许愿只觉得全身的骨头都快散架了,每一寸肌肉都在发出哀鸣,意识在清醒与昏沉的边缘反复横跳。
她感觉自己像一块被反复揉捏、几乎要失去原形的面团,反复被啃咬、舔舐,连一点渣滓都不肯放过的肉骨头。
“救命……这真的不会精净人亡吗?”
“……再这样下去,我不会就要成为第一个因为这种事而英勇就义的穿越者了!这死法也太不光彩了吧!”

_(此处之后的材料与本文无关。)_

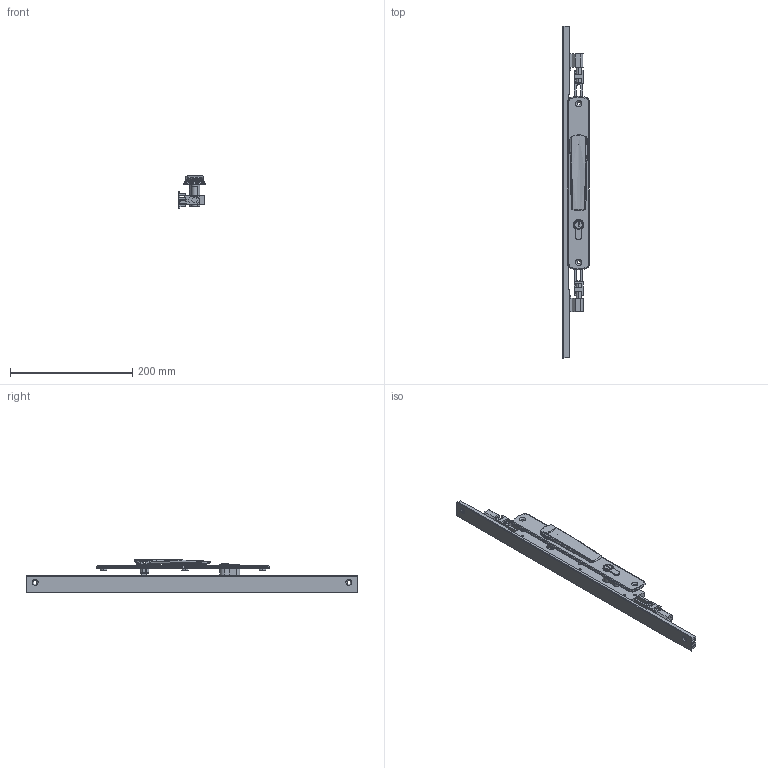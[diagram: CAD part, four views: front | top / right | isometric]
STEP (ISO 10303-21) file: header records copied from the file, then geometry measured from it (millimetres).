
FILE_DESCRIPTION (( 'STEP AP214' ), '1' );
FILE_NAME ('TPL-W-EU-620-L 06Nov2024.STEP', '2024-11-27T04:05:01', ( '' ), ( '' ), 'SwSTEP 2.0', 'SolidWorks 2023', '' );
FILE_SCHEMA (( 'AUTOMOTIVE_DESIGN' ));
Length unit declared in the file: millimetre
Products named in the file (19): Copy of TPGen2 handle keyed internal zinc - simplified^TPL-W-EU-120 04Nov2024_Vertical; Copy of LKC-585 Rotator body zinc^Copy of TPGen2 handle keyed internal zinc - simplified_TPL-W-EU-120 04Nov2024; Copy of TPLGen2 lock body keyed^Copy of TPLGen2 lock body keyed assembly_TPL-W-EU-120 04Nov2024; Copy of Copy of LKC-531 Lock twinpoint transmission rod wood system^TPL-W-EU-120 04Nov2024_Standard Range 2891.7mm; Copy of LKC-584 Pivot body zinc - simplified^Copy of TPGen2 handle keyed internal zinc - simplified_TPL-W-EU-120 04Nov2024; Copy of Copy of Copy of LKC-531 Lock twinpoint transmission rod wood system^TPL-W-EU-120 04Nov2024_Standard Range 2891.7mm; Copy of COV-112-C Cover C TPLGen2 Lock body^TPL-W-EU-120 04Nov2024; Copy of TPL-W-EU-130 04Nov2024^TPL-W-EU-120 04Nov2024_TPL-023 Left; Copy of Adapter CnE - simplfied^TPL-W-EU-120 04Nov2024_26mm backset; Copy of LKC-586 Spindle square 8mm with M4 hole^Copy of TPGen2 handle keyed internal zinc - simplified_TPL-W-EU-120 04Nov2024_25mm; Copy of LKC-505 Swing handle zinc - simplified^Copy of TPGen2 handle keyed internal zinc - simplified_TPL-W-EU-120 04Nov2024; Copy of Adapter DnF - simplfied^TPL-W-EU-120 04Nov2024_26mm backset; TPL-W-EU-620-L 06Nov2024; Copy of LKC-512 Escutcheon plate keyed internal 285mm long zinc - simplified^Copy of TPGen2 handle keyed internal zinc - simplified_TPL-W-EU-120 04Nov2024; Bolt.step; Copy of COV-112-A Cover A suit TPLGen2 standard range^TPL-W-EU-120 04Nov2024_2870mm; Copy of TPLGen2 lock body keyed assembly^TPL-W-EU-120 04Nov2024_Bolts extended; Copy (2) of COV-112-B Cover B suit TPLGen2 standard range^TPL-W-EU-120 04Nov2024_2870mm; Copy of TPLGen2 push rod - simplified^Copy of TPLGen2 lock body keyed assembly_TPL-W-EU-120 04Nov2024_Female thread M10
Assembly tree (16 placements, depth 3):
  TPL-W-EU-620-L 06Nov2024
    Copy of TPLGen2 lock body keyed assembly^TPL-W-EU-120 04Nov2024_Bolts extended
      Copy of TPLGen2 lock body keyed^Copy of TPLGen2 lock body keyed assembly_TPL-W-EU-120 04Nov2024
      Copy of TPLGen2 push rod - simplified^Copy of TPLGen2 lock body keyed assembly_TPL-W-EU-120 04Nov2024_Female thread M10  x2
    Copy of TPGen2 handle keyed internal zinc - simplified^TPL-W-EU-120 04Nov2024_Vertical
      Copy of LKC-512 Escutcheon plate keyed internal 285mm long zinc - simplified^Copy of TPGen2 handle keyed internal zinc - simplified_TPL-W-EU-120 04Nov2024
      Copy of LKC-505 Swing handle zinc - simplified^Copy of TPGen2 handle keyed internal zinc - simplified_TPL-W-EU-120 04Nov2024
      Copy of LKC-585 Rotator body zinc^Copy of TPGen2 handle keyed internal zinc - simplified_TPL-W-EU-120 04Nov2024
      Copy of LKC-586 Spindle square 8mm with M4 hole^Copy of TPGen2 handle keyed internal zinc - simplified_TPL-W-EU-120 04Nov2024_25mm
      Copy of LKC-584 Pivot body zinc - simplified^Copy of TPGen2 handle keyed internal zinc - simplified_TPL-W-EU-120 04Nov2024
    Copy of TPL-W-EU-130 04Nov2024^TPL-W-EU-120 04Nov2024_TPL-023 Left
    Copy of COV-112-C Cover C TPLGen2 Lock body^TPL-W-EU-120 04Nov2024
    Copy of Copy of LKC-531 Lock twinpoint transmission rod wood system^TPL-W-EU-120 04Nov2024_Standard Range 2891.7mm
    Copy of Copy of Copy of LKC-531 Lock twinpoint transmission rod wood system^TPL-W-EU-120 04Nov2024_Standard Range 2891.7mm
    Copy of Adapter CnE - simplfied^TPL-W-EU-120 04Nov2024_26mm backset
    Copy of Adapter DnF - simplfied^TPL-W-EU-120 04Nov2024_26mm backset
  Bolt.step
  Copy of COV-112-A Cover A suit TPLGen2 standard range^TPL-W-EU-120 04Nov2024_2870mm
  Copy (2) of COV-112-B Cover B suit TPLGen2 standard range^TPL-W-EU-120 04Nov2024_2870mm
Bounding box: 43.5 x 544 x 53.86 mm (x, y, z)
Volume: 284677 mm3; surface area: 139475 mm2
Topology: 14 solids, 14 shells, 919 faces, 2287 edges, 1426 vertices
Faces by surface type: plane 325, bspline 241, cylinder 228, cone 71, torus 46, sphere 8
Entity records: 33040 total; most frequent: CARTESIAN_POINT 13040, ORIENTED_EDGE 4382, DIRECTION 3618, EDGE_CURVE 2191, VERTEX_POINT 1366, AXIS2_PLACEMENT_3D 1330, EDGE_LOOP 983, LINE 958

趁着Flock的动作似乎有片刻缓隙,许愿用尽最后一点力气,抬起仿佛灌了铅的手臂,软软地搭在他汗湿的胸膛上。
声音嘶哑得几乎不成调,带着浓重的鼻音和十足的哀求,试图用上最后一点"撒娇":
“Flock……我们……我们休息一下好不好?”
“就一会儿……我真的……一点力气都没有了……”
她努力眨着酸涩无比的眼睛,想让自己的眼神看起来更可怜些。
休息?为什么要休息?这种感觉……前所未有。
比撕碎最强大的猎物更让人血脉债张,比品尝最鲜美的血肉更让人沉溺。
她这副软绵绵求饶的样子,眼睛里水汪汪的,声音断断续续的
……啧,怎么看都看不够,怎么听都听不腻。
这比单纯地把她当作"食物"有意思太多了。
之前他确实从未尝过情爱的滋味,初次体验之后,他就像是无意中打开了潘多拉魔盒,彻底沉迷其中,无法自拔。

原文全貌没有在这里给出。